07 December 2009

queer ecstasy














José Esteban Muñoz on the ecstasy of James Schuyler, via Heidegger, in
Cruising Utopia: The Then and There of Queer Futurity (NYU Press, 2009):

"In Being and Time Heidegger reflects on the activity of timeliness and its relation to ekstatisch (ecstasy), signaling for Heidegger the ecstatic unity of temporality--Past, Present, and Future. The ecstasy the speaker feels and remembers in [Schuyler's] "A photograph" is not consigned to one moment. It steps out from the past and remarks on the unity of an expansive version of temporality; hence, future generations are invoked. To know ecstasy in the way in which the poem's speaker does is to have a sense of timeliness's motion, to understand a temporal unity that is important to what I attempt to describe as the time of queerness.
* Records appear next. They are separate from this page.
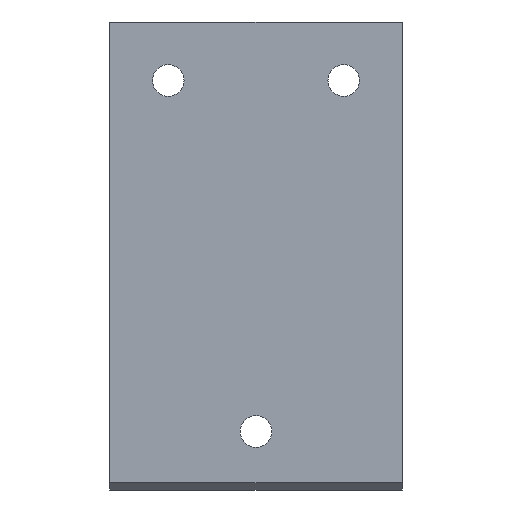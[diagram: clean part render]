
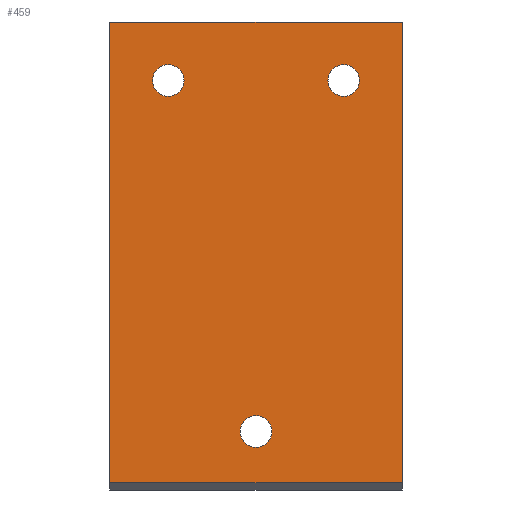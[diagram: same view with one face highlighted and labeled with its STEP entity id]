
A CAD part, left-side view. The second image highlights one B-rep face of the part: STEP entity #459.
In plain terms, the highlighted planar face has unit normal (-1, 0, 0).
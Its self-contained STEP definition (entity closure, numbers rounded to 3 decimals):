
#8 = EDGE_CURVE ( 'NONE', #5713, #4499, #3887, .T. ) ;
#28 = DIRECTION ( 'NONE',  ( 1., 0., 0. ) ) ;
#117 = DIRECTION ( 'NONE',  ( 0., 1., 0. ) ) ;
#143 = DIRECTION ( 'NONE',  ( 1., 0., 0. ) ) ;
#157 = CARTESIAN_POINT ( 'NONE',  ( 0., 0., 101.5 ) ) ;
#168 = CARTESIAN_POINT ( 'NONE',  ( 0., 0., 0. ) ) ;
#459 = ADVANCED_FACE ( 'NONE', ( #6992, #852, #1039, #5416 ), #3411, .F. ) ;
#494 = CARTESIAN_POINT ( 'NONE',  ( 0., 125., 3. ) ) ;
#694 = EDGE_LOOP ( 'NONE', ( #7690, #2822 ) ) ;
#754 = EDGE_CURVE ( 'NONE', #1990, #2594, #4668, .T. ) ;
#816 = DIRECTION ( 'NONE',  ( 1., 0., 0. ) ) ;
#852 = FACE_BOUND ( 'NONE', #1809, .T. ) ;
#964 = ORIENTED_EDGE ( 'NONE', *, *, #7516, .T. ) ;
#1039 = FACE_BOUND ( 'NONE', #694, .T. ) ;
#1058 = VERTEX_POINT ( 'NONE', #1382 ) ;
#1108 = CARTESIAN_POINT ( 'NONE',  ( 0., 100., 175. ) ) ;
#1231 = CARTESIAN_POINT ( 'NONE',  ( 0., 62.5, 25. ) ) ;
#1242 = DIRECTION ( 'NONE',  ( 0., -1., 0. ) ) ;
#1345 = LINE ( 'NONE', #2258, #4369 ) ;
#1382 = CARTESIAN_POINT ( 'NONE',  ( 0., 0., 3. ) ) ;
#1420 = ORIENTED_EDGE ( 'NONE', *, *, #1846, .F. ) ;
#1499 = CARTESIAN_POINT ( 'NONE',  ( 0., 18.25, 175. ) ) ;
#1547 = VECTOR ( 'NONE', #3423, 1000. ) ;
#1564 = DIRECTION ( 'NONE',  ( 1., 0., 0. ) ) ;
#1809 = EDGE_LOOP ( 'NONE', ( #6356, #6956 ) ) ;
#1827 = DIRECTION ( 'NONE',  ( 0., -1., 0. ) ) ;
#1846 = EDGE_CURVE ( 'NONE', #1893, #6765, #4754, .T. ) ;
#1893 = VERTEX_POINT ( 'NONE', #494 ) ;
#1975 = DIRECTION ( 'NONE',  ( 0., 0., -1. ) ) ;
#1990 = VERTEX_POINT ( 'NONE', #1499 ) ;
#2086 = VECTOR ( 'NONE', #1975, 1000. ) ;
#2246 = ORIENTED_EDGE ( 'NONE', *, *, #3257, .F. ) ;
#2258 = CARTESIAN_POINT ( 'NONE',  ( 0., 62.5, 200. ) ) ;
#2298 = DIRECTION ( 'NONE',  ( 1., 0., 0. ) ) ;
#2456 = AXIS2_PLACEMENT_3D ( 'NONE', #5129, #1564, #5727 ) ;
#2594 = VERTEX_POINT ( 'NONE', #6191 ) ;
#2636 = CIRCLE ( 'NONE', #5873, 6.75 ) ;
#2749 = EDGE_CURVE ( 'NONE', #1058, #1893, #5528, .T. ) ;
#2822 = ORIENTED_EDGE ( 'NONE', *, *, #7749, .T. ) ;
#3044 = EDGE_CURVE ( 'NONE', #6765, #6235, #1345, .T. ) ;
#3257 = EDGE_CURVE ( 'NONE', #6235, #1058, #7014, .T. ) ;
#3411 = PLANE ( 'NONE',  #5204 ) ;
#3423 = DIRECTION ( 'NONE',  ( 0., 0., 1. ) ) ;
#3483 = VERTEX_POINT ( 'NONE', #6928 ) ;
#3601 = AXIS2_PLACEMENT_3D ( 'NONE', #5848, #2298, #6424 ) ;
#3641 = CARTESIAN_POINT ( 'NONE',  ( 0., 62.5, 25. ) ) ;
#3750 = EDGE_LOOP ( 'NONE', ( #964, #6178 ) ) ;
#3840 = AXIS2_PLACEMENT_3D ( 'NONE', #1231, #5386, #1827 ) ;
#3870 = CIRCLE ( 'NONE', #3601, 6.75 ) ;
#3887 = CIRCLE ( 'NONE', #7668, 6.75 ) ;
#3960 = CARTESIAN_POINT ( 'NONE',  ( 0., 125., 101.5 ) ) ;
#3990 = VECTOR ( 'NONE', #4427, 1000. ) ;
#4077 = CARTESIAN_POINT ( 'NONE',  ( 0., 55.75, 25. ) ) ;
#4091 = CARTESIAN_POINT ( 'NONE',  ( 0., 106.75, 175. ) ) ;
#4135 = VERTEX_POINT ( 'NONE', #4077 ) ;
#4250 = DIRECTION ( 'NONE',  ( 0., -1., 0. ) ) ;
#4295 = EDGE_CURVE ( 'NONE', #4135, #3483, #6079, .T. ) ;
#4320 = EDGE_LOOP ( 'NONE', ( #7317, #2246, #5476, #1420 ) ) ;
#4369 = VECTOR ( 'NONE', #6386, 1000. ) ;
#4427 = DIRECTION ( 'NONE',  ( 0., 1., 0. ) ) ;
#4499 = VERTEX_POINT ( 'NONE', #6390 ) ;
#4668 = CIRCLE ( 'NONE', #5459, 6.75 ) ;
#4713 = CARTESIAN_POINT ( 'NONE',  ( 0., 62.5, 3. ) ) ;
#4754 = LINE ( 'NONE', #3960, #1547 ) ;
#5043 = CIRCLE ( 'NONE', #2456, 6.75 ) ;
#5129 = CARTESIAN_POINT ( 'NONE',  ( 0., 25., 175. ) ) ;
#5204 = AXIS2_PLACEMENT_3D ( 'NONE', #168, #143, #117 ) ;
#5371 = CARTESIAN_POINT ( 'NONE',  ( 0., 0., 200. ) ) ;
#5386 = DIRECTION ( 'NONE',  ( 1., 0., 0. ) ) ;
#5416 = FACE_BOUND ( 'NONE', #3750, .T. ) ;
#5459 = AXIS2_PLACEMENT_3D ( 'NONE', #5735, #5746, #5759 ) ;
#5476 = ORIENTED_EDGE ( 'NONE', *, *, #3044, .F. ) ;
#5528 = LINE ( 'NONE', #4713, #3990 ) ;
#5713 = VERTEX_POINT ( 'NONE', #4091 ) ;
#5727 = DIRECTION ( 'NONE',  ( 0., 1., 0. ) ) ;
#5735 = CARTESIAN_POINT ( 'NONE',  ( 0., 25., 175. ) ) ;
#5746 = DIRECTION ( 'NONE',  ( 1., 0., 0. ) ) ;
#5759 = DIRECTION ( 'NONE',  ( 0., 1., 0. ) ) ;
#5848 = CARTESIAN_POINT ( 'NONE',  ( 0., 100., 175. ) ) ;
#5873 = AXIS2_PLACEMENT_3D ( 'NONE', #3641, #28, #4250 ) ;
#6012 = CARTESIAN_POINT ( 'NONE',  ( 0., 125., 200. ) ) ;
#6079 = CIRCLE ( 'NONE', #3840, 6.75 ) ;
#6178 = ORIENTED_EDGE ( 'NONE', *, *, #4295, .T. ) ;
#6191 = CARTESIAN_POINT ( 'NONE',  ( 0., 31.75, 175. ) ) ;
#6235 = VERTEX_POINT ( 'NONE', #5371 ) ;
#6356 = ORIENTED_EDGE ( 'NONE', *, *, #754, .T. ) ;
#6386 = DIRECTION ( 'NONE',  ( 0., -1., 0. ) ) ;
#6390 = CARTESIAN_POINT ( 'NONE',  ( 0., 93.25, 175. ) ) ;
#6424 = DIRECTION ( 'NONE',  ( 0., -1., 0. ) ) ;
#6765 = VERTEX_POINT ( 'NONE', #6012 ) ;
#6928 = CARTESIAN_POINT ( 'NONE',  ( 0., 69.25, 25. ) ) ;
#6956 = ORIENTED_EDGE ( 'NONE', *, *, #7243, .T. ) ;
#6992 = FACE_OUTER_BOUND ( 'NONE', #4320, .T. ) ;
#7014 = LINE ( 'NONE', #157, #2086 ) ;
#7243 = EDGE_CURVE ( 'NONE', #2594, #1990, #5043, .T. ) ;
#7317 = ORIENTED_EDGE ( 'NONE', *, *, #2749, .F. ) ;
#7516 = EDGE_CURVE ( 'NONE', #3483, #4135, #2636, .T. ) ;
#7668 = AXIS2_PLACEMENT_3D ( 'NONE', #1108, #816, #1242 ) ;
#7690 = ORIENTED_EDGE ( 'NONE', *, *, #8, .T. ) ;
#7749 = EDGE_CURVE ( 'NONE', #4499, #5713, #3870, .T. ) ;
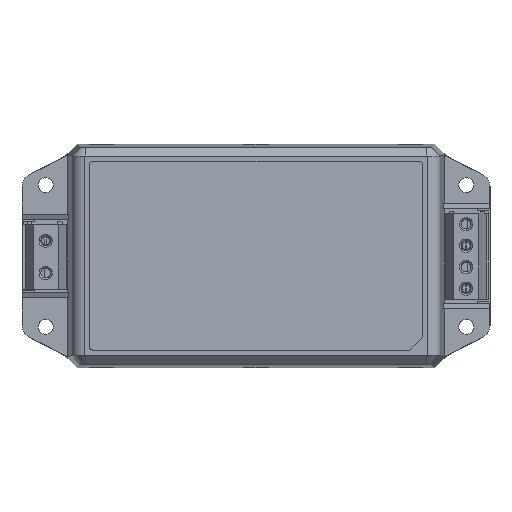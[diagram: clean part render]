
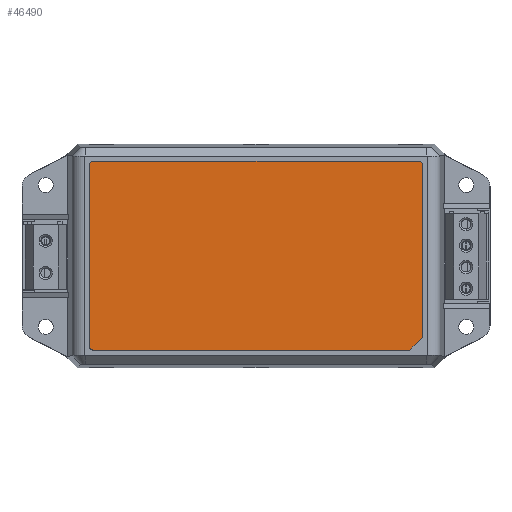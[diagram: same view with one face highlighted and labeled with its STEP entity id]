
A CAD part, top view. The second image highlights one B-rep face of the part: STEP entity #46490.
In plain terms, the highlighted planar face has unit normal (0, 0, 1).
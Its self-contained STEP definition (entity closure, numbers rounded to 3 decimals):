
#44970=CARTESIAN_POINT('',(6.683,51.553,11.3));
#44980=DIRECTION('',(1.,0.,0.));
#44990=VECTOR('',#44980,1.);
#45000=LINE('',#44970,#44990);
#45010=CARTESIAN_POINT('',(7.683,51.553,11.3));
#45020=VERTEX_POINT('',#45010);
#45030=CARTESIAN_POINT('',(83.293,51.553,11.3));
#45040=VERTEX_POINT('',#45030);
#45050=EDGE_CURVE('',#45020,#45040,#45000,.T.);
#45280=CARTESIAN_POINT('',(84.293,51.553,11.3));
#45290=DIRECTION('',(0.,-1.,0.));
#45300=VECTOR('',#45290,1.);
#45310=LINE('',#45280,#45300);
#45320=CARTESIAN_POINT('',(84.293,50.553,11.3));
#45330=VERTEX_POINT('',#45320);
#45340=CARTESIAN_POINT('',(84.293,10.553,11.3));
#45350=VERTEX_POINT('',#45340);
#45360=EDGE_CURVE('',#45330,#45350,#45310,.T.);
#45640=CARTESIAN_POINT('',(7.683,7.553,11.3));
#45650=VERTEX_POINT('',#45640);
#45680=CARTESIAN_POINT('',(84.293,7.553,11.3));
#45690=DIRECTION('',(-1.,0.,0.));
#45700=VECTOR('',#45690,1.);
#45710=LINE('',#45680,#45700);
#45720=CARTESIAN_POINT('',(81.293,7.553,11.3));
#45730=VERTEX_POINT('',#45720);
#45740=EDGE_CURVE('',#45730,#45650,#45710,.T.);
#45900=CARTESIAN_POINT('',(7.683,8.553,11.3));
#45910=DIRECTION('',(0.,0.,-1.));
#45920=DIRECTION('',(-1.,0.,0.));
#45930=AXIS2_PLACEMENT_3D('',#45900,#45910,#45920);
#45940=CIRCLE('',#45930,1.);
#45950=CARTESIAN_POINT('',(6.683,8.553,11.3));
#45960=VERTEX_POINT('',#45950);
#45970=EDGE_CURVE('',#45650,#45960,#45940,.T.);
#46100=CARTESIAN_POINT('',(31.821,31.526,11.3));
#46110=DIRECTION('',(0.,0.,1.));
#46120=DIRECTION('',(1.,0.,0.));
#46130=AXIS2_PLACEMENT_3D('',#46100,#46110,#46120);
#46140=PLANE('',#46130);
#46150=CARTESIAN_POINT('',(83.293,50.553,11.3));
#46160=DIRECTION('',(0.,0.,-1.));
#46170=DIRECTION('',(-1.,0.,0.));
#46180=AXIS2_PLACEMENT_3D('',#46150,#46160,#46170);
#46190=CIRCLE('',#46180,1.);
#46200=EDGE_CURVE('',#45040,#45330,#46190,.T.);
#46210=ORIENTED_EDGE('',*,*,#46200,.F.);
#46220=ORIENTED_EDGE('',*,*,#45360,.F.);
#46230=CARTESIAN_POINT('',(78.406,4.667,11.3));
#46240=DIRECTION('',(-0.707,-0.707,0.));
#46250=VECTOR('',#46240,1.);
#46260=LINE('',#46230,#46250);
#46270=EDGE_CURVE('',#45350,#45730,#46260,.T.);
#46280=ORIENTED_EDGE('',*,*,#46270,.F.);
#46290=ORIENTED_EDGE('',*,*,#45740,.F.);
#46300=ORIENTED_EDGE('',*,*,#45970,.F.);
#46310=CARTESIAN_POINT('',(6.683,7.553,11.3));
#46320=DIRECTION('',(0.,1.,0.));
#46330=VECTOR('',#46320,1.);
#46340=LINE('',#46310,#46330);
#46350=CARTESIAN_POINT('',(6.683,50.553,11.3));
#46360=VERTEX_POINT('',#46350);
#46370=EDGE_CURVE('',#45960,#46360,#46340,.T.);
#46380=ORIENTED_EDGE('',*,*,#46370,.F.);
#46390=CARTESIAN_POINT('',(7.683,50.553,11.3));
#46400=DIRECTION('',(0.,0.,-1.));
#46410=DIRECTION('',(-1.,0.,0.));
#46420=AXIS2_PLACEMENT_3D('',#46390,#46400,#46410);
#46430=CIRCLE('',#46420,1.);
#46440=EDGE_CURVE('',#46360,#45020,#46430,.T.);
#46450=ORIENTED_EDGE('',*,*,#46440,.F.);
#46460=ORIENTED_EDGE('',*,*,#45050,.F.);
#46470=EDGE_LOOP('',(#46460,#46450,#46380,#46300,#46290,#46280,#46220,
#46210));
#46480=FACE_OUTER_BOUND('',#46470,.T.);
#46490=ADVANCED_FACE('',(#46480),#46140,.T.);
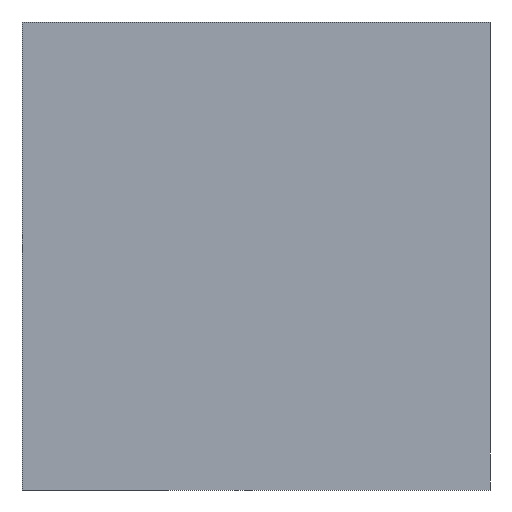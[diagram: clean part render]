
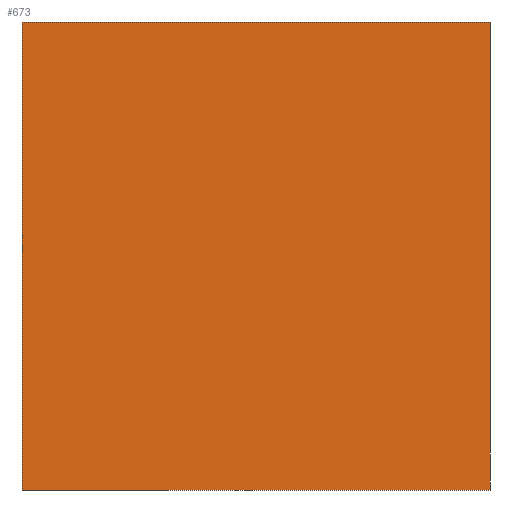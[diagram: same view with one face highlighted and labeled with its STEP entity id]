
A CAD part, front view. The second image highlights one B-rep face of the part: STEP entity #673.
In plain terms, the highlighted planar face has unit normal (0, -1, 0).
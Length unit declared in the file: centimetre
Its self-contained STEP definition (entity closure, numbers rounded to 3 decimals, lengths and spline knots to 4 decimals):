
#40 = EDGE_CURVE ( 'NONE', #429, #182, #390, .T. ) ;
#43 = CARTESIAN_POINT ( 'NONE',  ( 0., 0., 1000. ) ) ;
#53 = VECTOR ( 'NONE', #412, 100. ) ;
#66 = CARTESIAN_POINT ( 'NONE',  ( 0., 0., 0. ) ) ;
#74 = ORIENTED_EDGE ( 'NONE', *, *, #117, .F. ) ;
#86 = ORIENTED_EDGE ( 'NONE', *, *, #598, .T. ) ;
#97 = VECTOR ( 'NONE', #470, 100. ) ;
#117 = EDGE_CURVE ( 'NONE', #350, #429, #278, .T. ) ;
#120 = CARTESIAN_POINT ( 'NONE',  ( 0., 0., 0. ) ) ;
#136 = ORIENTED_EDGE ( 'NONE', *, *, #40, .F. ) ;
#182 = VERTEX_POINT ( 'NONE', #458 ) ;
#232 = LINE ( 'NONE', #360, #383 ) ;
#261 = ORIENTED_EDGE ( 'NONE', *, *, #546, .T. ) ;
#275 = PLANE ( 'NONE',  #642 ) ;
#278 = LINE ( 'NONE', #591, #53 ) ;
#350 = VERTEX_POINT ( 'NONE', #43 ) ;
#360 = CARTESIAN_POINT ( 'NONE',  ( 0., 0., 1000. ) ) ;
#366 = DIRECTION ( 'NONE',  ( 0., 0., -1. ) ) ;
#383 = VECTOR ( 'NONE', #366, 100. ) ;
#390 = LINE ( 'NONE', #502, #391 ) ;
#391 = VECTOR ( 'NONE', #442, 100. ) ;
#409 = CARTESIAN_POINT ( 'NONE',  ( 1000., 0., 1000. ) ) ;
#412 = DIRECTION ( 'NONE',  ( 1., 0., 0. ) ) ;
#429 = VERTEX_POINT ( 'NONE', #409 ) ;
#442 = DIRECTION ( 'NONE',  ( 0., 0., -1. ) ) ;
#452 = FACE_OUTER_BOUND ( 'NONE', #691, .T. ) ;
#458 = CARTESIAN_POINT ( 'NONE',  ( 1000., 0., 0. ) ) ;
#470 = DIRECTION ( 'NONE',  ( 1., 0., 0. ) ) ;
#502 = CARTESIAN_POINT ( 'NONE',  ( 1000., 0., 1000. ) ) ;
#539 = VERTEX_POINT ( 'NONE', #120 ) ;
#546 = EDGE_CURVE ( 'NONE', #539, #182, #588, .T. ) ;
#588 = LINE ( 'NONE', #66, #97 ) ;
#591 = CARTESIAN_POINT ( 'NONE',  ( 0., 0., 1000. ) ) ;
#598 = EDGE_CURVE ( 'NONE', #350, #539, #232, .T. ) ;
#639 = CARTESIAN_POINT ( 'NONE',  ( 0., 0., 1000. ) ) ;
#642 = AXIS2_PLACEMENT_3D ( 'NONE', #639, #695, #703 ) ;
#673 = ADVANCED_FACE ( 'NONE', ( #452 ), #275, .F. ) ;
#691 = EDGE_LOOP ( 'NONE', ( #261, #136, #74, #86 ) ) ;
#695 = DIRECTION ( 'NONE',  ( 0., 1., 0. ) ) ;
#703 = DIRECTION ( 'NONE',  ( 0., 0., 1. ) ) ;

Queerness's time is a stepping out of the linearity of straight time." (25)

In his conclusion, Munoz brilliantly brings together this Heideggerian version of ecstasy with the queer affectivity of the Magnetic Fields's "Take Ecstasy With Me":

"Take ecstasy with me thus becomes a request to stand out of time together, to resist the stultifying temporality and time that is not ours, that is saturated with violence both visceral and emotional, a time that is not queerness. Queerness's time is the time of ecstasy. Ecstasy is queerness's way. We know time through the field of the affective, and affect is tightly bound to temporality. But let us take ecstasy together, as the Magnetic Fields request. That means going beyond the singular shattering that a version of jouissance suggests or the transport of Christian rapture." (187)

Evoking Bernini's The Ecstasy of Saint Theresa, read by Lacan, Kristeva, and others as the shattering of the self (and particularly, of the female self) through jouissance, Muñoz demands an ecstasy beyond individual self-shattering, a collective ecstasy or ecstatic collectivity that might name a queer futurity. C.f. Eve Kosofsky Sedgwick on being beside, Judith Halberstam on queer time & queer place, Shoshana Felman on madness and the speaking body.